Et il approchait de la jeune femme sa bouche pleine encore d’exhalaisons alcooliques, Elle . s’éloignait. Elle ne voulait pas, là, une bonne fois… C’était clair… Elle ajouta enfin :

— Mon cher, vous vous donnez un mal bien inutile. En ce moment je déteste tous les hommes, je pourrais seulement aimer celui qui me vengerait du prince et de cette femme.

Sosthène trouva l’idée drôle. Tout en riant, il promit à Cora de la venger d’une façon éclatante. Il tuerait le prince Ko-Ko, le provoquerait en duel, au vilebrequin… et ferait enfermer ensuite Juliette à Saint-Lazare. Il demandait seulement du crédit et les arrhes du marché.

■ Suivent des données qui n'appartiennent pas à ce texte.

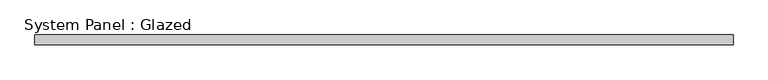
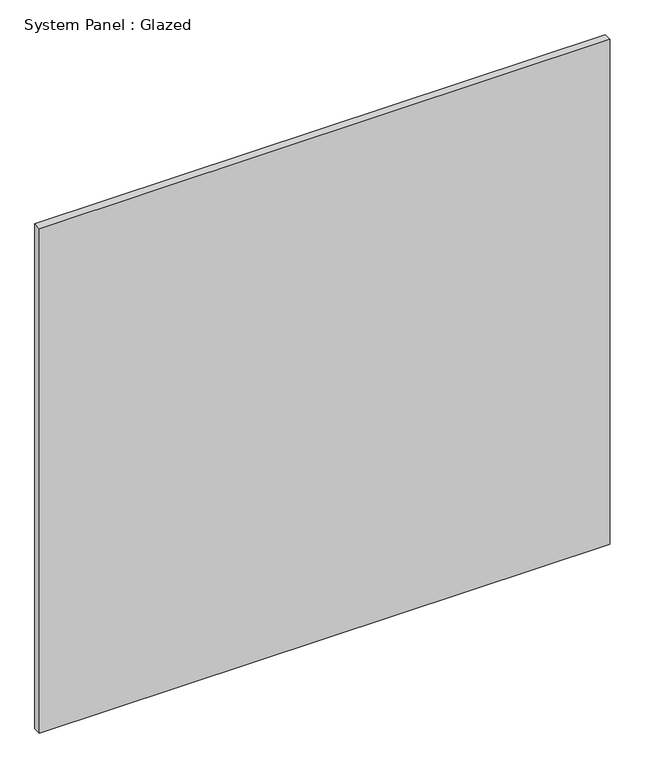
"""IFC4 building model written with IfcOpenShell, lengths in millimetres: plate geometry, System Panel : Glazed."""

import ifcopenshell
import ifcopenshell.guid

model = None  # the IFC model being written
_history = None  # IfcOwnerHistory: only IFC2X3 demands one
_inside = {}  # id of a spatial element -> (the spatial element, [elements in it])
_under = {}  # id of a project, library or spatial element -> (it, [spatial elements below it])
_declared = {}  # id of a project -> (the project, [libraries it declares])
_typed = {}  # id of a type object -> (the type object, [elements of that type])
_made_of = {}  # id of a material, layer set ... -> (it, [elements and type objects made of it])


def new_model(schema):
    """Start an empty IFC model of exactly this schema.

    Asked for "IFC4X3", IfcOpenShell would pick the latest addendum, in which some entities
    have other attributes; the version numbers below select the first issue.
    IFC2X3 requires an IfcOwnerHistory on every rooted entity: one is made here for all.
    """
    global model, _history
    if schema == "IFC4X3":
        model = ifcopenshell.file(schema_version=(4, 3, 0, 0))
    else:
        model = ifcopenshell.file(schema=schema)
    _inside.clear()
    _under.clear()
    _declared.clear()
    _typed.clear()
    _made_of.clear()
    _history = None
    if model.schema == "IFC2X3":
        org = make("IfcOrganization", Name="unknown")
        user = make(
            "IfcPersonAndOrganization",
            ThePerson=make("IfcPerson", FamilyName="unknown"),
            TheOrganization=org,
        )
        app = make(
            "IfcApplication",
            ApplicationDeveloper=org,
            Version="unknown",
            ApplicationFullName="unknown",
            ApplicationIdentifier="unknown",
        )
        _history = make(
            "IfcOwnerHistory",
            OwningUser=user,
            OwningApplication=app,
            ChangeAction="ADDED",
            CreationDate=0,
        )
    return model


def make(cls, **values):
    """One entity of the class cls with the attributes given. An attribute that is None is left unset."""
    return model.create_entity(
        cls, **{name: value for name, value in values.items() if value is not None}
    )


def rooted(cls, **values):
    """An entity with a GlobalId (a new one), such as an element, a storey or a relation."""
    return make(cls, GlobalId=ifcopenshell.guid.new(), OwnerHistory=_history, **values)


def si_unit(unit_type, name, prefix=None):
    """IfcSIUnit, for example si_unit("LENGTHUNIT", "METRE", prefix="MILLI")."""
    return make("IfcSIUnit", UnitType=unit_type, Prefix=prefix, Name=name)


def assignment(units):
    """IfcUnitAssignment: the units of a project."""
    return None if units is None else make("IfcUnitAssignment", Units=units)


def point(xyz):
    """IfcCartesianPoint."""
    return None if xyz is None else make("IfcCartesianPoint", Coordinates=xyz)


def direction(xyz):
    """IfcDirection."""
    return None if xyz is None else make("IfcDirection", DirectionRatios=xyz)


def frame(location, z_axis=None, x_axis=None):
    """IfcAxis2Placement3D, a coordinate frame: its origin and axes. An axis left out is left unset."""
    return make(
        "IfcAxis2Placement3D",
        Location=point(location),
        Axis=direction(z_axis),
        RefDirection=direction(x_axis),
    )


def origin():
    """The frame at (0, 0, 0) with its axes left unset."""
    return frame((0.0, 0.0, 0.0))


def origin_with_axes():
    """The frame at (0, 0, 0) with the z axis (0, 0, 1) and the x axis (1, 0, 0) written out."""
    return frame((0.0, 0.0, 0.0), z_axis=(0.0, 0.0, 1.0), x_axis=(1.0, 0.0, 0.0))


def place(relative_to, where):
    """IfcLocalPlacement: puts the frame where relative to a parent placement (None: the world)."""
    return make(
        "IfcLocalPlacement", PlacementRelTo=relative_to, RelativePlacement=where
    )


def context(
    kind, dimensions, precision=None, world=None, true_north=None, identifier=None
):
    """IfcGeometricRepresentationContext, for example the 3D "Model" context."""
    return make(
        "IfcGeometricRepresentationContext",
        ContextIdentifier=identifier,
        ContextType=kind,
        CoordinateSpaceDimension=dimensions,
        Precision=precision,
        WorldCoordinateSystem=world,
        TrueNorth=true_north,
    )


def project(units=None, contexts=None):
    """IfcProject with its units and contexts."""
    return rooted(
        "IfcProject",
        Name="project",
        RepresentationContexts=contexts,
        UnitsInContext=assignment(units),
    )


def spatial(cls, under=None, at=None, **own):
    """A site, building, storey or space (cls), placed at a placement, below another one or the project."""
    s = rooted(cls, ObjectPlacement=at, **own)
    if under is not None:
        _under.setdefault(under.id(), (under, []))[1].append(s)
    return s


def polyline(points):
    """IfcPolyline through the points."""
    return make("IfcPolyline", Points=[point(p) for p in points])


def outline(outer, holes=None, kind="AREA"):
    """IfcArbitraryClosedProfileDef: a profile drawn as a closed curve; with holes, ...WithVoids."""
    if holes is None:
        return make("IfcArbitraryClosedProfileDef", ProfileType=kind, OuterCurve=outer)
    return make(
        "IfcArbitraryProfileDefWithVoids",
        ProfileType=kind,
        OuterCurve=outer,
        InnerCurves=holes,
    )


def extrude(swept, where, along, depth):
    """IfcExtrudedAreaSolid: the profile swept, set in the frame where, extruded along a direction by depth."""
    return make(
        "IfcExtrudedAreaSolid",
        SweptArea=swept,
        Position=where,
        ExtrudedDirection=direction(along),
        Depth=depth,
    )


def shape(context_of_items, identifier, shape_type, items):
    """IfcShapeRepresentation: the items that make up one representation, for example the "Body"."""
    return make(
        "IfcShapeRepresentation",
        ContextOfItems=context_of_items,
        RepresentationIdentifier=identifier,
        RepresentationType=shape_type,
        Items=items,
    )


def source(mapping_origin, context_of_items, identifier, shape_type, items):
    """IfcRepresentationMap: a shape defined once, which mapped items show again and again."""
    return make(
        "IfcRepresentationMap",
        MappingOrigin=mapping_origin,
        MappedRepresentation=shape(context_of_items, identifier, shape_type, items),
    )


def transform(
    local_origin,
    x_axis=None,
    y_axis=None,
    z_axis=None,
    scale=None,
    scale2=None,
    scale3=None,
    uniform=True,
):
    """IfcCartesianTransformationOperator3D, or its non-uniform kind. x_axis, y_axis, z_axis: its Axis1, 2, 3."""
    if uniform:
        return make(
            "IfcCartesianTransformationOperator3D",
            Axis1=direction(x_axis),
            Axis2=direction(y_axis),
            LocalOrigin=point(local_origin),
            Scale=scale,
            Axis3=direction(z_axis),
        )
    return make(
        "IfcCartesianTransformationOperator3DnonUniform",
        Axis1=direction(x_axis),
        Axis2=direction(y_axis),
        LocalOrigin=point(local_origin),
        Scale=scale,
        Axis3=direction(z_axis),
        Scale2=scale2,
        Scale3=scale3,
    )


def mapped(mapping_source, mapping_target):
    """IfcMappedItem: shows the shape of a source again, moved by a transform."""
    return make(
        "IfcMappedItem", MappingSource=mapping_source, MappingTarget=mapping_target
    )


def made_of(thing, what):
    """Note that an element or type object is made of a material, layer set ...; save() writes the relation."""
    if what is not None:
        _made_of.setdefault(what.id(), (what, []))[1].append(thing)
    return thing


def element(
    cls,
    number,
    at=None,
    inside=None,
    cuts=None,
    type_object=None,
    material=None,
    context=None,
    identifier="Body",
    shape_type=None,
    held_by="IfcProductDefinitionShape",
    body=None,
    shapes=None,
    **own,
):
    """One element of the class cls, such as IfcWall. Its Tag is "e" and its number.

    at: its placement. inside: the storey or other place that contains it. cuts: it is an
    opening in that element (IfcRelVoidsElement). A single representation is given by context,
    identifier, shape_type and body (its items); several are given by shapes. held_by: the class
    of the entity that holds the representations. save() writes the other relations.
    """
    e = rooted(cls, Tag="e%d" % number, ObjectPlacement=at, **own)
    if body is not None:
        shapes = [shape(context, identifier, shape_type, body)]
    if shapes is not None:
        e.Representation = make(held_by, Representations=shapes)
    if inside is not None:
        _inside.setdefault(inside.id(), (inside, []))[1].append(e)
    if cuts is not None:
        rooted(
            "IfcRelVoidsElement", RelatingBuildingElement=cuts, RelatedOpeningElement=e
        )
    if type_object is not None:
        _typed.setdefault(type_object.id(), (type_object, []))[1].append(e)
    return made_of(e, material)


def aggregate(whole, parts):
    """IfcRelAggregates: a whole, such as a stair, and the parts it consists of."""
    return rooted("IfcRelAggregates", RelatingObject=whole, RelatedObjects=parts)


def save(model, path):
    """Write the relations noted so far, then the file.

    IfcRelAggregates (storeys below a building ...), IfcRelContainedInSpatialStructure (elements
    in a storey), IfcRelDefinesByType, IfcRelAssociatesMaterial and IfcRelDeclares: one each for
    every whole, place, type object, material and project.
    """
    for whole, parts in _under.values():
        aggregate(whole, parts)
    for where, things in _inside.values():
        rooted(
            "IfcRelContainedInSpatialStructure",
            RelatedElements=things,
            RelatingStructure=where,
        )
    for kind, things in _typed.values():
        rooted("IfcRelDefinesByType", RelatedObjects=things, RelatingType=kind)
    for what, things in _made_of.values():
        rooted("IfcRelAssociatesMaterial", RelatedObjects=things, RelatingMaterial=what)
    for by, libraries in _declared.values():
        rooted("IfcRelDeclares", RelatingContext=by, RelatedDefinitions=libraries)
    model.write(path)


def system_panel_glazed_78d7b886(model_context):
    return source(origin(), model_context, "Body", "SweptSolid", [
        extrude(outline(polyline([(902.5000002, 24.5), (-902.5000002, 24.5), (-902.5000002, 49.5), (902.5000002, 49.5), (902.5000002, 24.5)])), origin_with_axes(), (0.0, 0.0, 1.0), 1686.2355347),
    ])


if __name__ == "__main__":
    model = new_model("IFC4")
    model_context = context("Model", 3, world=origin())
    ifc_project = project(units=[si_unit("LENGTHUNIT", "METRE", prefix="MILLI")], contexts=[model_context])
    site = spatial("IfcSite", under=ifc_project)
    building = spatial("IfcBuilding", under=site)
    placement = place(None, origin())
    system_panel_glazed_shape = system_panel_glazed_78d7b886(model_context)
    element("IfcPlate", 1, ObjectType="System Panel : Glazed", at=placement, inside=building, context=model_context, shape_type="MappedRepresentation", body=[
        mapped(system_panel_glazed_shape, transform((0.0, 0.0, 0.0), x_axis=(1.0, 0.0, 0.0), y_axis=(0.0, 1.0, 0.0), z_axis=(0.0, 0.0, 1.0))),
    ])
    save(model, "model.ifc")

# Revit data of these elements
# Element 1 (IfcPlate, "System Panel : Glazed")
#   Materials on its faces: "Glass"
# Materials
#   "Glass": class "Glass", colour RGB 218 227 224, transparency 0.85, Description = "Soda Lime Glass", Cost = 0

On était arrivé. Cora sauta légèrement, sonna et disparut, laissant ces mots pour adieu à son compagnon :

— Vous êtes un serin…

Tandis que Sosthène Poix payait le cocher, en s’efforçant de se tenir droit sous l’air vif du matin, qui lui faisait tourner la tête, il aperçut Estourbiac, le reporter, qui venait vers lui. Autant pour ne pas s’ennuyer que pour consolider sa démarche, il lui prit le bras. Il avait l’air très décati, Estourbiac. Il croyait Sosthène Poix en bonne fortune et le blaguait :

C’est comme ça qu’on venait faire ses farces en catimini à l’heure où le coq chante. Il le félicitait, du reste, elle était très chic, cette petite Cora.

— Mais non, du tout, mon cher, vous vous trompez, dit Sosthène en riant.

Et, d’un bout à l’autre, avec une prolixité d’ivrogne, il lui raconta toute l’histoire : le souper et la façon cocasse dont Cora l’avait éconduit.

Estourbiac, devenu sérieux, l’écoutait.